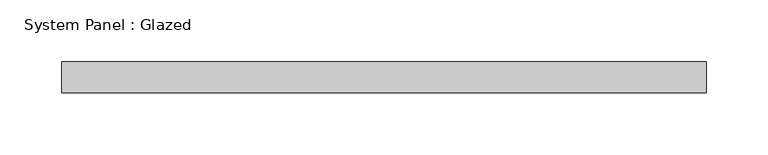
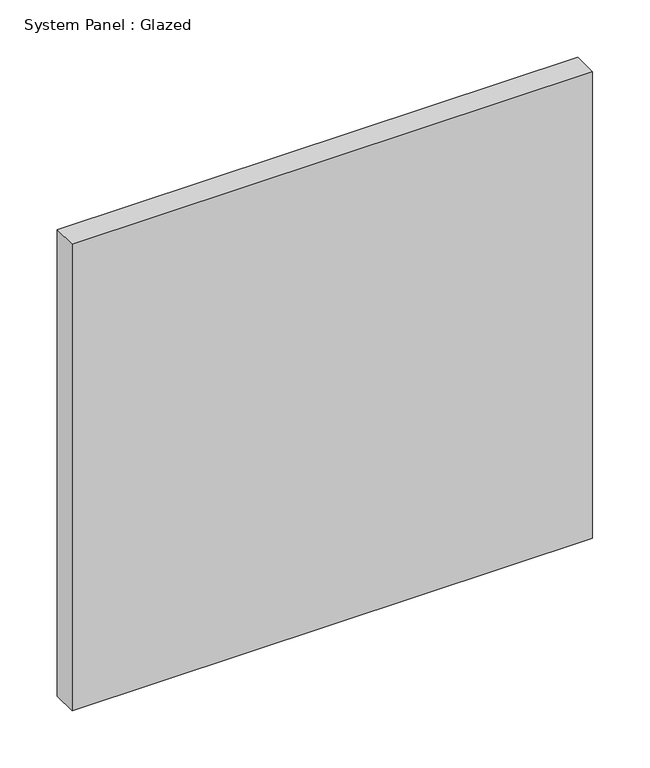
"""IFC4 building model written with IfcOpenShell, lengths in millimetres: plate geometry, System Panel : Glazed."""

from ifc_helpers import new_model, si_unit, origin, origin_with_axes, place, context, project, spatial, polyline, outline, extrude, source, transform, mapped, element, save


def system_panel_glazed_44697018(model_context):
    return source(origin(), model_context, "Body", "SweptSolid", [
        extrude(outline(polyline([(261.62, -12.7), (-261.62, -12.7), (-261.62, 12.7), (261.62, 12.7), (261.62, -12.7)])), origin_with_axes(), (0.0, 0.0, 1.0), 495.3),
    ])


if __name__ == "__main__":
    model = new_model("IFC4")
    model_context = context("Model", 3, world=origin())
    ifc_project = project(units=[si_unit("LENGTHUNIT", "METRE", prefix="MILLI")], contexts=[model_context])
    site = spatial("IfcSite", under=ifc_project)
    building = spatial("IfcBuilding", under=site)
    placement = place(None, origin())
    system_panel_glazed_shape = system_panel_glazed_44697018(model_context)
    element("IfcPlate", 1, ObjectType="System Panel : Glazed", at=placement, inside=building, context=model_context, shape_type="MappedRepresentation", body=[
        mapped(system_panel_glazed_shape, transform((0.0, 0.0, 0.0), x_axis=(1.0, 0.0, 0.0), y_axis=(0.0, 1.0, 0.0), z_axis=(0.0, 0.0, 1.0))),
    ])
    save(model, "model.ifc")
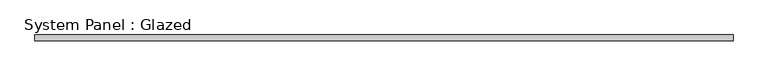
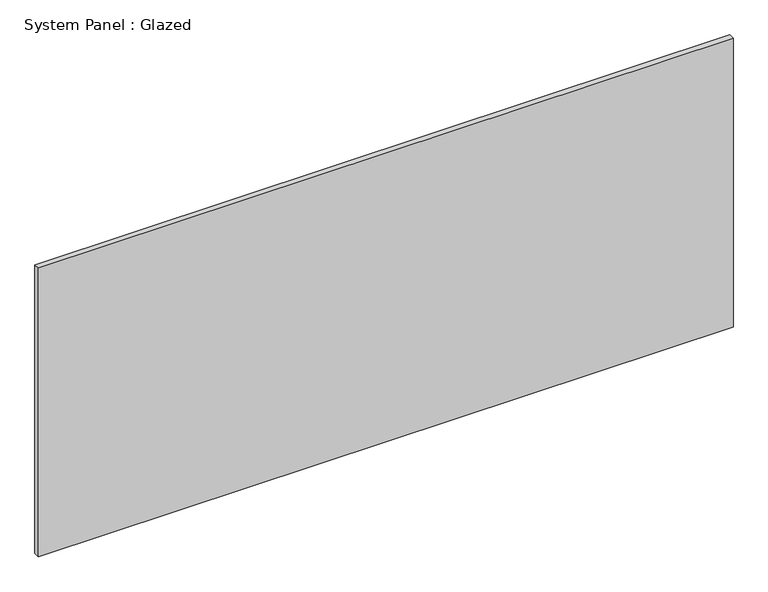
"""IFC4 building model written with IfcOpenShell, lengths in millimetres: plate geometry, System Panel : Glazed."""

from ifc_helpers import new_model, si_unit, origin, origin_with_axes, place, context, project, spatial, polyline, outline, extrude, source, transform, mapped, element, save


def system_panel_glazed_e6bc90fe(model_context):
    return source(origin(), model_context, "Body", "SweptSolid", [
        extrude(outline(polyline([(1524.0, 19.05), (-1524.0, 19.05), (-1524.0, 44.45), (1524.0, 44.45), (1524.0, 19.05)])), origin_with_axes(), (0.0, 0.0, 1.0), 1340.1963401),
    ])


if __name__ == "__main__":
    model = new_model("IFC4")
    model_context = context("Model", 3, world=origin())
    ifc_project = project(units=[si_unit("LENGTHUNIT", "METRE", prefix="MILLI")], contexts=[model_context])
    site = spatial("IfcSite", under=ifc_project)
    building = spatial("IfcBuilding", under=site)
    placement = place(None, origin())
    system_panel_glazed_shape = system_panel_glazed_e6bc90fe(model_context)
    element("IfcPlate", 1, ObjectType="System Panel : Glazed", at=placement, inside=building, context=model_context, shape_type="MappedRepresentation", body=[
        mapped(system_panel_glazed_shape, transform((0.0, 0.0, 0.0), x_axis=(1.0, 0.0, 0.0), y_axis=(0.0, 1.0, 0.0), z_axis=(0.0, 0.0, 1.0))),
    ])
    save(model, "model.ifc")
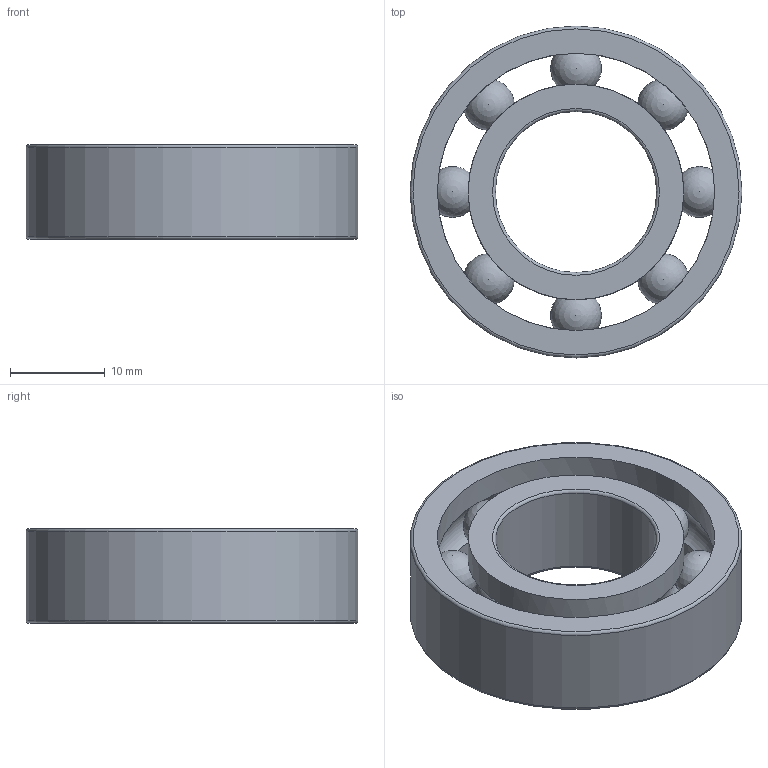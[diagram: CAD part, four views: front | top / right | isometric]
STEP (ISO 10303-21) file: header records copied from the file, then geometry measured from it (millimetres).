
FILE_DESCRIPTION(/* description */ ('SS BALL BEARING WITH RS1 SEALS'),/* implementation_level */ '2;1');
FILE_NAME(/* name */ 'SS6003-2RS.stp',/* time_stamp */ '2022-09-16T10:38:41+02:00',/* author */ ('ML'),/* organization */ ('CARRYLINE'),/* preprocessor_version */ 'ST-DEVELOPER v19.2',/* originating_system */ 'Autodesk Inventor 2023',/* authorisation */ '');
FILE_SCHEMA (('AUTOMOTIVE_DESIGN { 1 0 10303 214 3 1 1 }'));
Length unit declared in the file: millimetre
Products named in the file (1): SS6003-2RS
Bounding box: 35 x 35 x 10 mm (x, y, z)
Volume: 4825.8 mm3; surface area: 5006.1 mm2
Topology: 1 solids, 1 shells, 38 faces, 150 edges, 100 vertices
Faces by surface type: torus 20, sphere 8, cylinder 6, plane 4
Full cylindrical faces by diameter (mm): 17 x1, 22.76 x2, 29.24 x2, 35 x1
Entity records: 2309 total; most frequent: CARTESIAN_POINT 1125, ORIENTED_EDGE 268, DIRECTION 204, EDGE_CURVE 134, VERTEX_POINT 100, AXIS2_PLACEMENT_3D 99, B_SPLINE_CURVE_WITH_KNOTS 68, CIRCLE 60
_ _ _
Please transcribe all of the records above exactly, leaving out any pictures.

"""IFC4 building model written with IfcOpenShell, lengths in millimetres: plate geometry, System Panel : Glazed."""

from ifc_helpers import new_model, si_unit, origin, origin_with_axes, place, context, project, spatial, polyline, outline, extrude, source, transform, mapped, element, save


def system_panel_glazed_44697018(model_context):
    return source(origin(), model_context, "Body", "SweptSolid", [
        extrude(outline(polyline([(261.62, -12.7), (-261.62, -12.7), (-261.62, 12.7), (261.62, 12.7), (261.62, -12.7)])), origin_with_axes(), (0.0, 0.0, 1.0), 495.3),
    ])


if __name__ == "__main__":
    model = new_model("IFC4")
    model_context = context("Model", 3, world=origin())
    ifc_project = project(units=[si_unit("LENGTHUNIT", "METRE", prefix="MILLI")], contexts=[model_context])
    site = spatial("IfcSite", under=ifc_project)
    building = spatial("IfcBuilding", under=site)
    placement = place(None, origin())
    system_panel_glazed_shape = system_panel_glazed_44697018(model_context)
    element("IfcPlate", 1, ObjectType="System Panel : Glazed", at=placement, inside=building, context=model_context, shape_type="MappedRepresentation", body=[
        mapped(system_panel_glazed_shape, transform((0.0, 0.0, 0.0), x_axis=(1.0, 0.0, 0.0), y_axis=(0.0, 1.0, 0.0), z_axis=(0.0, 0.0, 1.0))),
    ])
    save(model, "model.ifc")
"""IFC4 building model written with IfcOpenShell, lengths in millimetres: plate geometry, System Panel : Glazed."""

from ifc_helpers import new_model, si_unit, origin, origin_with_axes, place, context, project, spatial, polyline, outline, extrude, source, transform, mapped, element, save


def system_panel_glazed_e6bc90fe(model_context):
    return source(origin(), model_context, "Body", "SweptSolid", [
        extrude(outline(polyline([(1524.0, 19.05), (-1524.0, 19.05), (-1524.0, 44.45), (1524.0, 44.45), (1524.0, 19.05)])), origin_with_axes(), (0.0, 0.0, 1.0), 1340.1963401),
    ])


if __name__ == "__main__":
    model = new_model("IFC4")
    model_context = context("Model", 3, world=origin())
    ifc_project = project(units=[si_unit("LENGTHUNIT", "METRE", prefix="MILLI")], contexts=[model_context])
    site = spatial("IfcSite", under=ifc_project)
    building = spatial("IfcBuilding", under=site)
    placement = place(None, origin())
    system_panel_glazed_shape = system_panel_glazed_e6bc90fe(model_context)
    element("IfcPlate", 1, ObjectType="System Panel : Glazed", at=placement, inside=building, context=model_context, shape_type="MappedRepresentation", body=[
        mapped(system_panel_glazed_shape, transform((0.0, 0.0, 0.0), x_axis=(1.0, 0.0, 0.0), y_axis=(0.0, 1.0, 0.0), z_axis=(0.0, 0.0, 1.0))),
    ])
    save(model, "model.ifc")
[diagram: CAD part, four views: front | top / right | isometric]
STEP (ISO 10303-21) file: header records copied from the file, then geometry measured from it (millimetres).
FILE_DESCRIPTION(/* description */ ('SS BALL BEARING WITH RS1 SEALS'),/* implementation_level */ '2;1');
FILE_NAME(/* name */ 'SS6003-2RS.stp',/* time_stamp */ '2022-09-16T10:38:41+02:00',/* author */ ('ML'),/* organization */ ('CARRYLINE'),/* preprocessor_version */ 'ST-DEVELOPER v19.2',/* originating_system */ 'Autodesk Inventor 2023',/* authorisation */ '');
FILE_SCHEMA (('AUTOMOTIVE_DESIGN { 1 0 10303 214 3 1 1 }'));
Length unit declared in the file: millimetre
Products named in the file (1): SS6003-2RS
Bounding box: 35 x 35 x 10 mm (x, y, z)
Volume: 4825.8 mm3; surface area: 5006.1 mm2
Topology: 1 solids, 1 shells, 38 faces, 150 edges, 100 vertices
Faces by surface type: torus 20, sphere 8, cylinder 6, plane 4
Full cylindrical faces by diameter (mm): 17 x1, 22.76 x2, 29.24 x2, 35 x1
Entity records: 2309 total; most frequent: CARTESIAN_POINT 1125, ORIENTED_EDGE 268, DIRECTION 204, EDGE_CURVE 134, VERTEX_POINT 100, AXIS2_PLACEMENT_3D 99, B_SPLINE_CURVE_WITH_KNOTS 68, CIRCLE 60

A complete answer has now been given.